=== Section Start ===

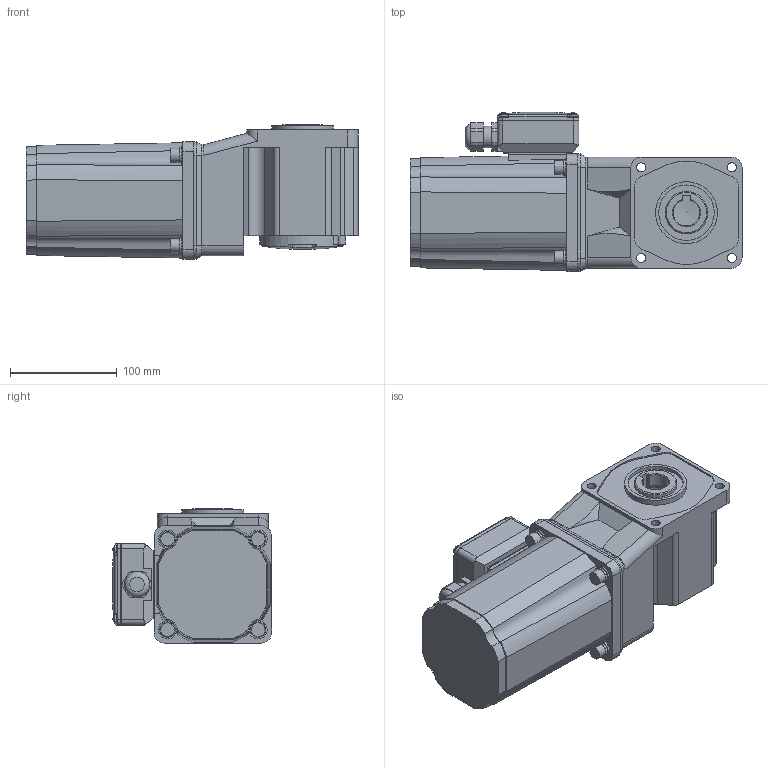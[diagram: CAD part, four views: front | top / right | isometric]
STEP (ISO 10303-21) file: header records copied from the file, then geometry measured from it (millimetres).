
FILE_DESCRIPTION(/* description */ ('STEP AP203'),/* implementation_level */ '2;1');
FILE_NAME(/* name */ '7IK200VES3T2-50RHS',/* time_stamp */ '2026-01-27T15:49:56+01:00',/* author */ ('License CC BY-ND 4.0'),/* organization */ ('CADENAS'),/* preprocessor_version */ 'ST-DEVELOPER v20',/* originating_system */ 'PARTsolutions',/* authorisation */ ' ');
FILE_SCHEMA (('CONFIG_CONTROL_DESIGN'));
Length unit declared in the file: millimetre
Products named in the file (4): 7IK200VES3T2-50RHS; 200HStphem; Motor 200Ttphem14; Terminal3
Assembly tree (3 placements, depth 2):
  7IK200VES3T2-50RHS
    200HStphem
    Motor 200Ttphem14
    Terminal3
Bounding box: 311 x 149 x 125.8 mm (x, y, z)
Volume: 3155197.5 mm3; surface area: 226078.6 mm2
Topology: 3 solids, 3 shells, 399 faces, 1038 edges, 684 vertices
Faces by surface type: plane 176, cylinder 167, bspline 26, cone 13, torus 12, sphere 5
Full cylindrical faces by diameter (mm): 5.5 x2, 6.647 x4, 7.6 x4, 8 x8, 8.5 x8, 13 x4, 13.5 x1, 14.5 x4, 20 x1, 39.8 x2, 52 x1, 58 x1, 72 x1, 78.5 x1, 98 x2
Entity records: 12157 total; most frequent: CARTESIAN_POINT 2456, DIRECTION 2063, ORIENTED_EDGE 1888, EDGE_CURVE 944, AXIS2_PLACEMENT_3D 784, VERTEX_POINT 665, FACE_BOUND 521, EDGE_LOOP 513
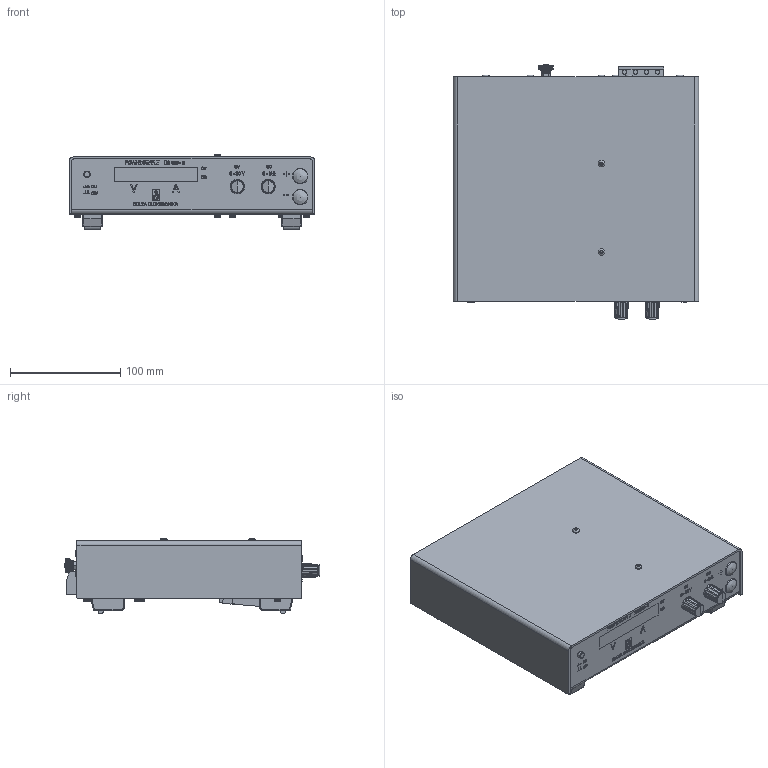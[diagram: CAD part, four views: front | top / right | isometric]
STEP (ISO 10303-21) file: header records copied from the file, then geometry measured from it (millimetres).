
FILE_DESCRIPTION(/* description */ (''),/* implementation_level */ '2;1');
FILE_NAME(/* name */ 'A:\Data\ES150\option\P150\step file\ES150-P120,P150.stp',/* time_stamp */ '2021-02-15T15:51:40+01:00',/* author */ ('Delta'),/* organization */ (''),/* preprocessor_version */ 'ST-DEVELOPER v17.2',/* originating_system */ 'Autodesk Inventor 2019',/* authorisation */ '');
FILE_SCHEMA (('AUTOMOTIVE_DESIGN { 1 0 10303 214 3 1 1 }'));
Products named in the file (1): assembly ES150-P120,P150_Shrinkwrap_1
Bounding box: 222 x 231.2 x 68.2 mm (x, y, z)
Volume: 2323710.5 mm3; surface area: 164925.9 mm2
Topology: 1 solids, 1 shells, 3404 faces, 8103 edges, 5200 vertices
Faces by surface type: plane 1900, cylinder 685, bspline 424, cone 237, torus 90, sphere 68
Full cylindrical faces by diameter (mm): 3.5 x351, 3.9 x4, 4 x2, 4.5 x2, 4.75 x4, 5 x1, 5.8 x1, 6 x31, 6.2 x2, 6.9 x8, 7.1 x4, 7.8 x2, 8 x4, 8.3 x2, 8.8 x2, 9 x2, 9.8 x4, 10 x2, 10.5 x1, 10.7 x2
Entity records: 107796 total; most frequent: CARTESIAN_POINT 28389, ORIENTED_EDGE 16156, DIRECTION 14983, EDGE_CURVE 8078, AXIS2_PLACEMENT_3D 5355, VERTEX_POINT 5202, LINE 4273, VECTOR 4273

=== Section End ===

## Work required
Please reproduce every record exactly as written, excluding the pictures.

## Expected answer
[diagram: CAD part, four views: front | top / right | isometric]
STEP (ISO 10303-21) file: header records copied from the file, then geometry measured from it (millimetres).
FILE_DESCRIPTION(/* description */ ('STEP AP203'),/* implementation_level */ '2;1');
FILE_NAME(/* name */ '7IK200VES3T2-50RHS',/* time_stamp */ '2026-01-27T15:49:56+01:00',/* author */ ('License CC BY-ND 4.0'),/* organization */ ('CADENAS'),/* preprocessor_version */ 'ST-DEVELOPER v20',/* originating_system */ 'PARTsolutions',/* authorisation */ ' ');
FILE_SCHEMA (('CONFIG_CONTROL_DESIGN'));
Length unit declared in the file: millimetre
Products named in the file (4): 7IK200VES3T2-50RHS; 200HStphem; Motor 200Ttphem14; Terminal3
Assembly tree (3 placements, depth 2):
  7IK200VES3T2-50RHS
    200HStphem
    Motor 200Ttphem14
    Terminal3
Bounding box: 311 x 149 x 125.8 mm (x, y, z)
Volume: 3155197.5 mm3; surface area: 226078.6 mm2
Topology: 3 solids, 3 shells, 399 faces, 1038 edges, 684 vertices
Faces by surface type: plane 176, cylinder 167, bspline 26, cone 13, torus 12, sphere 5
Full cylindrical faces by diameter (mm): 5.5 x2, 6.647 x4, 7.6 x4, 8 x8, 8.5 x8, 13 x4, 13.5 x1, 14.5 x4, 20 x1, 39.8 x2, 52 x1, 58 x1, 72 x1, 78.5 x1, 98 x2
Entity records: 12157 total; most frequent: CARTESIAN_POINT 2456, DIRECTION 2063, ORIENTED_EDGE 1888, EDGE_CURVE 944, AXIS2_PLACEMENT_3D 784, VERTEX_POINT 665, FACE_BOUND 521, EDGE_LOOP 513
[diagram: CAD part, four views: front | top / right | isometric]
STEP (ISO 10303-21) file: header records copied from the file, then geometry measured from it (millimetres).
FILE_DESCRIPTION(/* description */ (''),/* implementation_level */ '2;1');
FILE_NAME(/* name */ 'A:\Data\ES150\option\P150\step file\ES150-P120,P150.stp',/* time_stamp */ '2021-02-15T15:51:40+01:00',/* author */ ('Delta'),/* organization */ (''),/* preprocessor_version */ 'ST-DEVELOPER v17.2',/* originating_system */ 'Autodesk Inventor 2019',/* authorisation */ '');
FILE_SCHEMA (('AUTOMOTIVE_DESIGN { 1 0 10303 214 3 1 1 }'));
Products named in the file (1): assembly ES150-P120,P150_Shrinkwrap_1
Bounding box: 222 x 231.2 x 68.2 mm (x, y, z)
Volume: 2323710.5 mm3; surface area: 164925.9 mm2
Topology: 1 solids, 1 shells, 3404 faces, 8103 edges, 5200 vertices
Faces by surface type: plane 1900, cylinder 685, bspline 424, cone 237, torus 90, sphere 68
Full cylindrical faces by diameter (mm): 3.5 x351, 3.9 x4, 4 x2, 4.5 x2, 4.75 x4, 5 x1, 5.8 x1, 6 x31, 6.2 x2, 6.9 x8, 7.1 x4, 7.8 x2, 8 x4, 8.3 x2, 8.8 x2, 9 x2, 9.8 x4, 10 x2, 10.5 x1, 10.7 x2
Entity records: 107796 total; most frequent: CARTESIAN_POINT 28389, ORIENTED_EDGE 16156, DIRECTION 14983, EDGE_CURVE 8078, AXIS2_PLACEMENT_3D 5355, VERTEX_POINT 5202, LINE 4273, VECTOR 4273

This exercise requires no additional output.